··· Available data
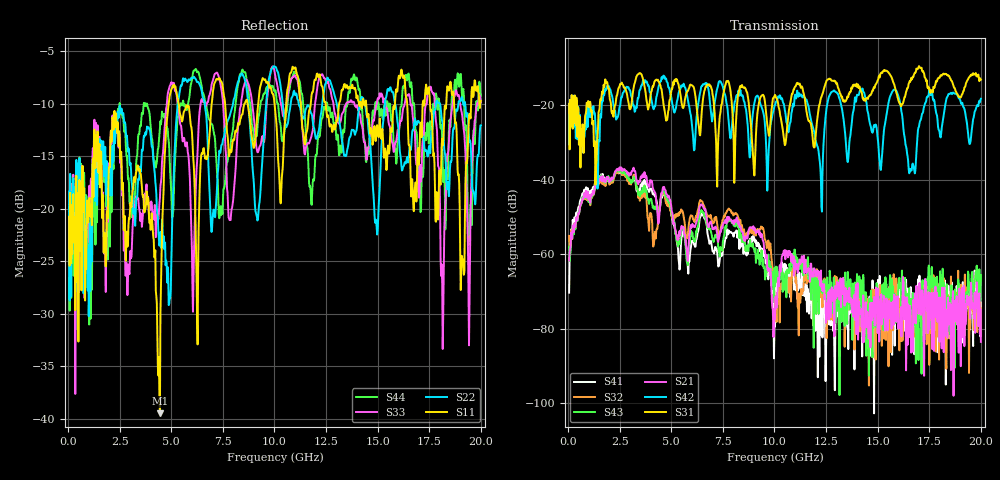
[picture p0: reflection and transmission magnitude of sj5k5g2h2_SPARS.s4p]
! FILE: E:\users\goganessyan\GBX_Backplane\FR408_backplane\1m_INBOUND_FEXT\sj5k5g2h2_SPARS.s4p
# MHZ S RI R 50.00
! FREQ  S11  S12  S13  S14
!  S21  S22  S23  S24
!  S31  S32  S33  S34
!  S41  S42  S43  S44
!  REAL  IMAG  REAL  IMAG  REAL  IMAG  REAL  IMAG
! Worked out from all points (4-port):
!   799 points, 50 MHz to 20 GHz, reference 50 ohm
!   strongest paths, dB at 50 MHz, 5.025 GHz, 10.03 GHz, 15.03 GHz, 20 GHz:
!     S31: -19.7, -15.5, -17.3, -13.1, -13.2
!     S42: -19.6, -18.8, -20.0, -30.1, -18.3
!     S21: -61.7, -48.6, -77.5, -69.2, -83.6
!     S43: -58.0, -48.8, -68.7, -73.7, -65.6
!     S32: -55.1, -49.7, -73.5, -78.7, -75.5
!     S41: -70.4, -49.9, -79.4, -66.9, -73.0
!   lowest |S11| = -39.5 dB at 4.45 GHz (marker M1), VSWR 1.02, Z = 51 - j0.239 ohm
!   |S11| at or under -10 dB: start of sweep to 4.874 GHz; 5.355 GHz to 6.957 GHz (1.602 GHz wide, 26 % of centre); 14.44 GHz to 15.84 GHz (1.395 GHz wide, 9.21 % of centre)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
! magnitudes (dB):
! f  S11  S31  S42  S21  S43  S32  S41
! 50 MHz  -20.8  -19.7  -19.6  -61.7  -58.0  -55.1  -70.4
! 1.45 GHz  -13.3  -26.1  -39.2  -41.1  -40.6  -41.3  -40.2
! 4.45 GHz  -39.5  -14.3  -13.8  -47.6  -47.0  -46.7  -47.7
! 5.075 GHz  -8.3  -14.5  -20.2  -50.1  -50.3  -49.7  -51.6
! 12.25 GHz  -8.0  -18.1  -40.0  -64.4  -66.6  -67.8  -73.2
! 12.82 GHz  -12.5  -13.5  -16.3  -72.2  -75.2  -76.5  -71.6
! 20 GHz  -9.7  -13.2  -18.3  -83.6  -65.6  -75.5  -73.0
······
▶ [Work to complete]
Type out each line of the records above exactly, skipping any pictures.

▶ [Your solution]
[picture p0: reflection and transmission magnitude of sj5k5g2h2_SPARS.s4p]
! FILE: E:\users\goganessyan\GBX_Backplane\FR408_backplane\1m_INBOUND_FEXT\sj5k5g2h2_SPARS.s4p
# MHZ S RI R 50.00
! FREQ  S11  S12  S13  S14
!  S21  S22  S23  S24
!  S31  S32  S33  S34
!  S41  S42  S43  S44
!  REAL  IMAG  REAL  IMAG  REAL  IMAG  REAL  IMAG
! Worked out from all points (4-port):
!   799 points, 50 MHz to 20 GHz, reference 50 ohm
!   strongest paths, dB at 50 MHz, 5.025 GHz, 10.03 GHz, 15.03 GHz, 20 GHz:
!     S31: -19.7, -15.5, -17.3, -13.1, -13.2
!     S42: -19.6, -18.8, -20.0, -30.1, -18.3
!     S21: -61.7, -48.6, -77.5, -69.2, -83.6
!     S43: -58.0, -48.8, -68.7, -73.7, -65.6
!     S32: -55.1, -49.7, -73.5, -78.7, -75.5
!     S41: -70.4, -49.9, -79.4, -66.9, -73.0
!   lowest |S11| = -39.5 dB at 4.45 GHz (marker M1), VSWR 1.02, Z = 51 - j0.239 ohm
!   |S11| at or under -10 dB: start of sweep to 4.874 GHz; 5.355 GHz to 6.957 GHz (1.602 GHz wide, 26 % of centre); 14.44 GHz to 15.84 GHz (1.395 GHz wide, 9.21 % of centre)
! magnitudes (dB):
! f  S11  S31  S42  S21  S43  S32  S41
! 50 MHz  -20.8  -19.7  -19.6  -61.7  -58.0  -55.1  -70.4
! 1.45 GHz  -13.3  -26.1  -39.2  -41.1  -40.6  -41.3  -40.2
! 4.45 GHz  -39.5  -14.3  -13.8  -47.6  -47.0  -46.7  -47.7
! 5.075 GHz  -8.3  -14.5  -20.2  -50.1  -50.3  -49.7  -51.6
! 12.25 GHz  -8.0  -18.1  -40.0  -64.4  -66.6  -67.8  -73.2
! 12.82 GHz  -12.5  -13.5  -16.3  -72.2  -75.2  -76.5  -71.6
! 20 GHz  -9.7  -13.2  -18.3  -83.6  -65.6  -75.5  -73.0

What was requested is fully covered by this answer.